Investing is the first step towards securing your money for the future. The term investment refers to the act of investing money to earn profit. If done wisely and properly, investment can help you in the future. But before getting into any form of investment, it is important that you understand the ways on how you may invest in the best way possible.
Becoming a successful investor does not require extraordinary IQ or exceptional business acumen. What you need to enjoy lifetime successful investing is a solid decision-making framework.
Lifetime and successful investment requires a thoughtful plan. It’s not difficult to develop a plan but what is difficult is to stay with it in times of uncertainties and when things seem to counter those plans. Most of us have plans but can’t stick to those plans we’ve made.
What are the benefits of developing a trading plan?

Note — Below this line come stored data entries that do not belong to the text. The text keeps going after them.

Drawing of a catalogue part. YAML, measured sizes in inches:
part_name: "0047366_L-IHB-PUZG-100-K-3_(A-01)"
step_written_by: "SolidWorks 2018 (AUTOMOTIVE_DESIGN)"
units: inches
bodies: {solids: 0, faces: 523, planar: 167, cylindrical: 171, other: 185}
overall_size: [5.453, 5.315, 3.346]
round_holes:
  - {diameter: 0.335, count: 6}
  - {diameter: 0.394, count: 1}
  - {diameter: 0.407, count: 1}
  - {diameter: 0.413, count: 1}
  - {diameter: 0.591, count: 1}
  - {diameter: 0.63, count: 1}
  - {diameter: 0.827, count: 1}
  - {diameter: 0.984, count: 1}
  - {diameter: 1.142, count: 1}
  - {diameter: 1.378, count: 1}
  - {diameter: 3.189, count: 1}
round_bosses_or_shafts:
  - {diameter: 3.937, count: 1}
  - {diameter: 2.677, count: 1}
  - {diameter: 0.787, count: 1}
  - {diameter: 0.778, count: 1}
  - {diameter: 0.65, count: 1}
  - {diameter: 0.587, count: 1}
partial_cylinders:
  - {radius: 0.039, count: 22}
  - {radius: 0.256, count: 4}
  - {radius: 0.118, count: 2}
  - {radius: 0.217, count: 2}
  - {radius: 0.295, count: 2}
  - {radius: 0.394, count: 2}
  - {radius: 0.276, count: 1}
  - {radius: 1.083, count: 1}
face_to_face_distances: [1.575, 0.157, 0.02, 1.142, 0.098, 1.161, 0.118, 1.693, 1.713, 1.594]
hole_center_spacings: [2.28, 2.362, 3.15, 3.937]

When you have a plan and you stick with it, you establish optimal circumstances for experiencing investment growth. Sticking to your plan despite off the opposing popular opinion, analyst’s forecasts or current trends is a must. When developing a plan, focus on your long-term goals and objectives.
Maintain the Focus
The financial market can be erratic. There could be situations and events that can tax your emotions in terms of your strategies for investment such as when the US suffered a catastrophic terrorist attack in the fall of 2001 which sent the nation into a high level of uncertainty. This situation also weakened the strength of the market. In those times, it is important that you have your investment plan in place and stick to it. This is the time when you establish long-term focus on your goals and objectives. Remember in 2002 through 2005 when the DJIA rose up to 44%? Those investors who have let their emotions govern their strategies and sold their positions have missed out this upturn.
There are three emotions that accompany trading and they are hope, fear and greed. When the prices plunge, fears usually tells you to sell low even without reviewing your position. In these situations, you should review your original goals of investment.
An investment strategy based on hope, on the other hand, will tell you to buy certain stocks in the hope that a company’s future performance is reflected by their past performances. If you will invest primarily based on hope, you could have end up with an overvalued stock with more risk of loss than gain.
The investment strategy based on emotion can distort your reasoning for certain investments. It may tell you to hold onto a position for too long. If you plan to hold out a little longer so you gain few more points, your position could backfire and then result in your loss.